# Extremely new to live plants, need help!



## EndlesslySleepy (Jul 15, 2014)

Hello! I am very very new to planted tanks and I have been researching for _hours_ with many things very unclear to me about the process. 
I haven't been able to find a step by step or beginners guide on how to set up my (not NPT) planted tank so I have so many questions. *Any advice or answers are HUGELY appreciated.* ^.^ 

What I have:
I have these supplies but have not begun putting it together. I will completely set the tank up before I purchase the betta. 
5.5 gallon tank with 16 inch hood+led lights, 25w heater, filter, thermometer, air pump+air stone, pebble-like rock gravel, plastic plants+misc decor, Prime water conditioner, bottle of 10% ammonium hydroxide, hikari pellets, API Master Test Kit. What else do I need to buy?
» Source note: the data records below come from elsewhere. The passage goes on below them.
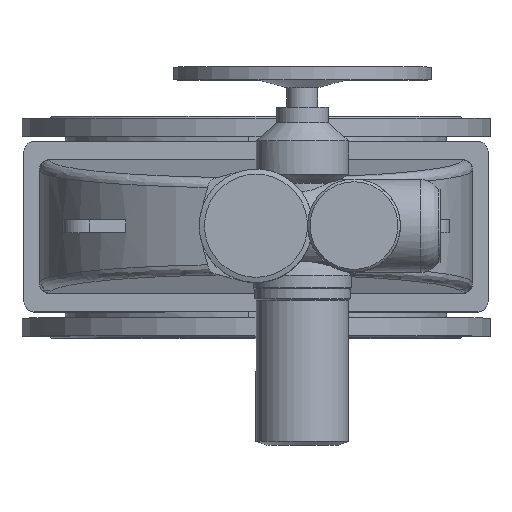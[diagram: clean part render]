
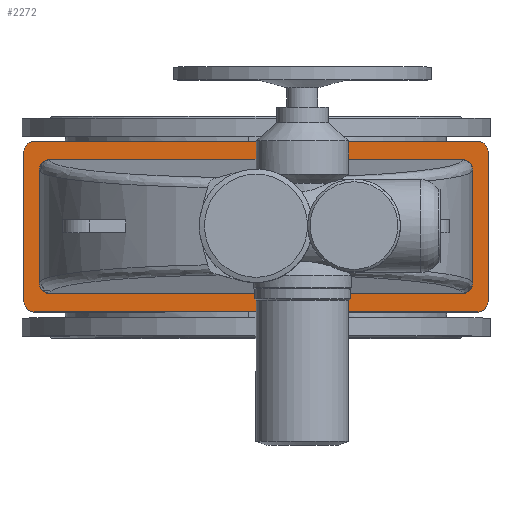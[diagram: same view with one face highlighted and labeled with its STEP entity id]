
A CAD part, top view. The second image highlights one B-rep face of the part: STEP entity #2272.
In plain terms, the highlighted planar face has unit normal (0, 0, 1).
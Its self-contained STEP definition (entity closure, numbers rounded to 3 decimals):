
#2272=ADVANCED_FACE('',(#7554,#7556),#7558,.T.);
#7554=FACE_BOUND('',#7555,.T.);
#7555=EDGE_LOOP('',(#10288,#10289,#10290,#10291,#10292,#10293,#10294,#10295));
#7556=FACE_BOUND('',#7557,.T.);
#7557=EDGE_LOOP('',(#10296,#10297,#10298,#10299,#10300,#10301,#10302,#10303));
#7558=PLANE('',#7559);
#7559=AXIS2_PLACEMENT_3D('',#7560,#7561,#7562);
#7560=CARTESIAN_POINT('',(0.,0.,866.));
#7561=DIRECTION('',(0.,-0.,1.));
#7562=DIRECTION('',(0.,1.,0.));
#10288=ORIENTED_EDGE('',*,*,#11368,.F.);
#10289=ORIENTED_EDGE('',*,*,#11381,.T.);
#10290=ORIENTED_EDGE('',*,*,#11380,.F.);
#10291=ORIENTED_EDGE('',*,*,#11378,.T.);
#10292=ORIENTED_EDGE('',*,*,#11376,.F.);
#10293=ORIENTED_EDGE('',*,*,#11374,.T.);
#10294=ORIENTED_EDGE('',*,*,#11372,.F.);
#10295=ORIENTED_EDGE('',*,*,#11369,.T.);
#10296=ORIENTED_EDGE('',*,*,#11382,.F.);
#10297=ORIENTED_EDGE('',*,*,#11383,.F.);
#10298=ORIENTED_EDGE('',*,*,#11384,.F.);
#10299=ORIENTED_EDGE('',*,*,#11385,.F.);
#10300=ORIENTED_EDGE('',*,*,#11386,.F.);
#10301=ORIENTED_EDGE('',*,*,#11387,.F.);
#10302=ORIENTED_EDGE('',*,*,#11388,.F.);
#10303=ORIENTED_EDGE('',*,*,#11389,.F.);
#11368=EDGE_CURVE('',#12594,#12592,#12596,.F.);
#11369=EDGE_CURVE('',#12597,#12592,#12598,.T.);
#11372=EDGE_CURVE('',#12597,#12600,#12602,.F.);
#11374=EDGE_CURVE('',#12603,#12600,#12605,.T.);
#11376=EDGE_CURVE('',#12603,#12606,#12608,.F.);
#11378=EDGE_CURVE('',#12609,#12606,#12611,.T.);
#11380=EDGE_CURVE('',#12609,#12612,#12614,.F.);
#11381=EDGE_CURVE('',#12594,#12612,#12615,.T.);
#11382=EDGE_CURVE('',#12616,#12617,#12618,.F.);
#11383=EDGE_CURVE('',#12619,#12616,#12620,.T.);
#11384=EDGE_CURVE('',#12621,#12619,#12622,.T.);
#11385=EDGE_CURVE('',#12623,#12621,#12624,.T.);
#11386=EDGE_CURVE('',#12625,#12623,#12626,.F.);
#11387=EDGE_CURVE('',#12627,#12625,#12628,.T.);
#11388=EDGE_CURVE('',#12629,#12627,#12630,.T.);
#11389=EDGE_CURVE('',#12617,#12629,#12631,.T.);
#12592=VERTEX_POINT('',#16255);
#12594=VERTEX_POINT('',#16259);
#12596=CIRCLE('',#16263,20.);
#12597=VERTEX_POINT('',#16267);
#12598=LINE('',#16268,#16269);
#12600=VERTEX_POINT('',#16274);
#12602=CIRCLE('',#16278,20.);
#12603=VERTEX_POINT('',#16282);
#12605=LINE('',#16286,#16287);
#12606=VERTEX_POINT('',#16289);
#12608=CIRCLE('',#16293,20.);
#12609=VERTEX_POINT('',#16297);
#12611=LINE('',#16301,#16302);
#12612=VERTEX_POINT('',#16304);
#12614=CIRCLE('',#16308,20.);
#12615=LINE('',#16312,#16313);
#12616=VERTEX_POINT('',#16315);
#12617=VERTEX_POINT('',#16316);
#12618=(BOUNDED_CURVE()B_SPLINE_CURVE(3,
(#16317,#16318,#16319,#16320),
.UNSPECIFIED.,.F.,.F.)B_SPLINE_CURVE_WITH_KNOTS((4,4),
(0.,1.),
.UNSPECIFIED.)CURVE()GEOMETRIC_REPRESENTATION_ITEM()RATIONAL_B_SPLINE_CURVE((1.,
0.805,0.805,1.))REPRESENTATION_ITEM(''));
#12619=VERTEX_POINT('',#16321);
#12620=LINE('',#16322,#16323);
#12621=VERTEX_POINT('',#16325);
#12622=(BOUNDED_CURVE()B_SPLINE_CURVE(3,
(#16326,#16327,#16328,#16329),
.UNSPECIFIED.,.F.,.F.)B_SPLINE_CURVE_WITH_KNOTS((4,4),
(0.,1.),
.UNSPECIFIED.)CURVE()GEOMETRIC_REPRESENTATION_ITEM()RATIONAL_B_SPLINE_CURVE((1.,
0.805,0.805,1.))REPRESENTATION_ITEM(''));
#12623=VERTEX_POINT('',#16330);
#12624=LINE('',#16331,#16332);
#12625=VERTEX_POINT('',#16334);
#12626=(BOUNDED_CURVE()B_SPLINE_CURVE(3,
(#16335,#16336,#16337,#16338),
.UNSPECIFIED.,.F.,.F.)B_SPLINE_CURVE_WITH_KNOTS((4,4),
(0.,1.),
.UNSPECIFIED.)CURVE()GEOMETRIC_REPRESENTATION_ITEM()RATIONAL_B_SPLINE_CURVE((1.,
0.805,0.805,1.))REPRESENTATION_ITEM(''));
#12627=VERTEX_POINT('',#16339);
#12628=LINE('',#16340,#16341);
#12629=VERTEX_POINT('',#16343);
#12630=(BOUNDED_CURVE()B_SPLINE_CURVE(3,
(#16344,#16345,#16346,#16347),
.UNSPECIFIED.,.F.,.F.)B_SPLINE_CURVE_WITH_KNOTS((4,4),
(0.,1.),
.UNSPECIFIED.)CURVE()GEOMETRIC_REPRESENTATION_ITEM()RATIONAL_B_SPLINE_CURVE((1.,
0.805,0.805,1.))REPRESENTATION_ITEM(''));
#12631=LINE('',#16348,#16349);
#16255=CARTESIAN_POINT('',(-450.,-145.,866.));
#16259=CARTESIAN_POINT('',(-430.,-165.,866.));
#16263=AXIS2_PLACEMENT_3D('',#16264,#16265,#16266);
#16264=CARTESIAN_POINT('',(-430.,-145.,866.));
#16265=DIRECTION('',(0.,-0.,1.));
#16266=DIRECTION('',(-1.,0.,0.));
#16267=CARTESIAN_POINT('',(-450.,145.,866.));
#16268=CARTESIAN_POINT('',(-450.,145.,866.));
#16269=VECTOR('',#16270,1.);
#16270=DIRECTION('',(0.,-1.,0.));
#16274=CARTESIAN_POINT('',(-430.,165.,866.));
#16278=AXIS2_PLACEMENT_3D('',#16279,#16280,#16281);
#16279=CARTESIAN_POINT('',(-430.,145.,866.));
#16280=DIRECTION('',(0.,-0.,1.));
#16281=DIRECTION('',(0.,1.,0.));
#16282=CARTESIAN_POINT('',(430.,165.,866.));
#16286=CARTESIAN_POINT('',(430.,165.,866.));
#16287=VECTOR('',#16288,1.);
#16288=DIRECTION('',(-1.,0.,0.));
#16289=CARTESIAN_POINT('',(450.,145.,866.));
#16293=AXIS2_PLACEMENT_3D('',#16294,#16295,#16296);
#16294=CARTESIAN_POINT('',(430.,145.,866.));
#16295=DIRECTION('',(0.,-0.,1.));
#16296=DIRECTION('',(1.,0.,0.));
#16297=CARTESIAN_POINT('',(450.,-145.,866.));
#16301=CARTESIAN_POINT('',(450.,-145.,866.));
#16302=VECTOR('',#16303,1.);
#16303=DIRECTION('',(0.,1.,0.));
#16304=CARTESIAN_POINT('',(430.,-165.,866.));
#16308=AXIS2_PLACEMENT_3D('',#16309,#16310,#16311);
#16309=CARTESIAN_POINT('',(430.,-145.,866.));
#16310=DIRECTION('',(0.,-0.,1.));
#16311=DIRECTION('',(0.,-1.,0.));
#16312=CARTESIAN_POINT('',(-430.,-165.,866.));
#16313=VECTOR('',#16314,1.);
#16314=DIRECTION('',(1.,0.,0.));
#16315=CARTESIAN_POINT('',(400.,-130.,866.));
#16316=CARTESIAN_POINT('',(420.,-109.924,866.));
#16317=CARTESIAN_POINT('',(420.,-109.924,866.));
#16318=CARTESIAN_POINT('',(420.,-121.684,866.));
#16319=CARTESIAN_POINT('',(411.716,-130.,866.));
#16320=CARTESIAN_POINT('',(400.,-130.,866.));
#16321=CARTESIAN_POINT('',(-400.,-130.,866.));
#16322=CARTESIAN_POINT('',(-400.,-130.,866.));
#16323=VECTOR('',#16324,1.);
#16324=DIRECTION('',(1.,0.,0.));
#16325=CARTESIAN_POINT('',(-420.,-109.924,866.));
#16326=CARTESIAN_POINT('',(-420.,-109.924,866.));
#16327=CARTESIAN_POINT('',(-420.,-121.684,866.));
#16328=CARTESIAN_POINT('',(-411.716,-130.,866.));
#16329=CARTESIAN_POINT('',(-400.,-130.,866.));
#16330=CARTESIAN_POINT('',(-420.,109.924,866.));
#16331=CARTESIAN_POINT('',(-420.,109.924,866.));
#16332=VECTOR('',#16333,1.);
#16333=DIRECTION('',(0.,-1.,0.));
#16334=CARTESIAN_POINT('',(-400.,130.,866.));
#16335=CARTESIAN_POINT('',(-420.,109.924,866.));
#16336=CARTESIAN_POINT('',(-420.,121.684,866.));
#16337=CARTESIAN_POINT('',(-411.716,130.,866.));
#16338=CARTESIAN_POINT('',(-400.,130.,866.));
#16339=CARTESIAN_POINT('',(400.,130.,866.));
#16340=CARTESIAN_POINT('',(400.,130.,866.));
#16341=VECTOR('',#16342,1.);
#16342=DIRECTION('',(-1.,0.,0.));
#16343=CARTESIAN_POINT('',(420.,109.924,866.));
#16344=CARTESIAN_POINT('',(420.,109.924,866.));
#16345=CARTESIAN_POINT('',(420.,121.684,866.));
#16346=CARTESIAN_POINT('',(411.716,130.,866.));
#16347=CARTESIAN_POINT('',(400.,130.,866.));
#16348=CARTESIAN_POINT('',(420.,-109.924,866.));
#16349=VECTOR('',#16350,1.);
#16350=DIRECTION('',(0.,1.,0.));

~Do I have to fully cycle my tank before I put my live plants in? Or can I set up the plants before I cycle the tank?
~What are the optimal water conditioners or fertilizers that you recommend? 
~What plants would be the best for a beginner like myself? Which plants work the best with rock gravel?
~Specific instructions for certain plant species?
~Is it necessary for me to purchase snails or shrimp in addition to my betta? If so, what are the responsibilities that come with doing that?
~My tank kit came with a 16 inch hood with led lights, no listed wattage. Do I need to purchase any different types of lights to plant my tank?
**Once I have everything established with the fish, what is the required maintenance(water changes, vacuuming, etc) that I need to perform regularly?**


Im extremely sorry for the insane amounts of questions I have, and I know that my amateurism is annoying  If I can get answers to at least some of these questions it would help me very much. Thank you for your time.


----------



## AquaKai (Jan 2, 2012)

EndlesslySleepy said:


> What I have:
> I have these supplies but have not begun putting it together. I will completely set the tank up before I purchase the betta.
> 5.5 gallon tank with 16 inch hood+led lightsWhat kind of light is it? Some LEDs are great whereas some are barely getting light in it., 25w heater, filter, thermometer, air pump+air stone, pebble-like rock gravel, plastic plants+misc decor, Prime water conditioner, bottle of 10% ammonium hydroxide, hikari pellets, API Master Test Kit. What else do I need to buy? Depending on the plants that you get root tabs could be something that you'll need because the gravel has no nutrients in it.
> 
> ...


My responses are in the green. If you have any more questions just ask! It's really no bother. It's much better to know everything right away than to trial and error your way through! Best of luck:-D


----------



## EndlesslySleepy (Jul 15, 2014)

OH MY GOODNESS AquaKai wow...... thank you SOOO incredibly much for answering so thoroughly! I _*really*_ appreciate it!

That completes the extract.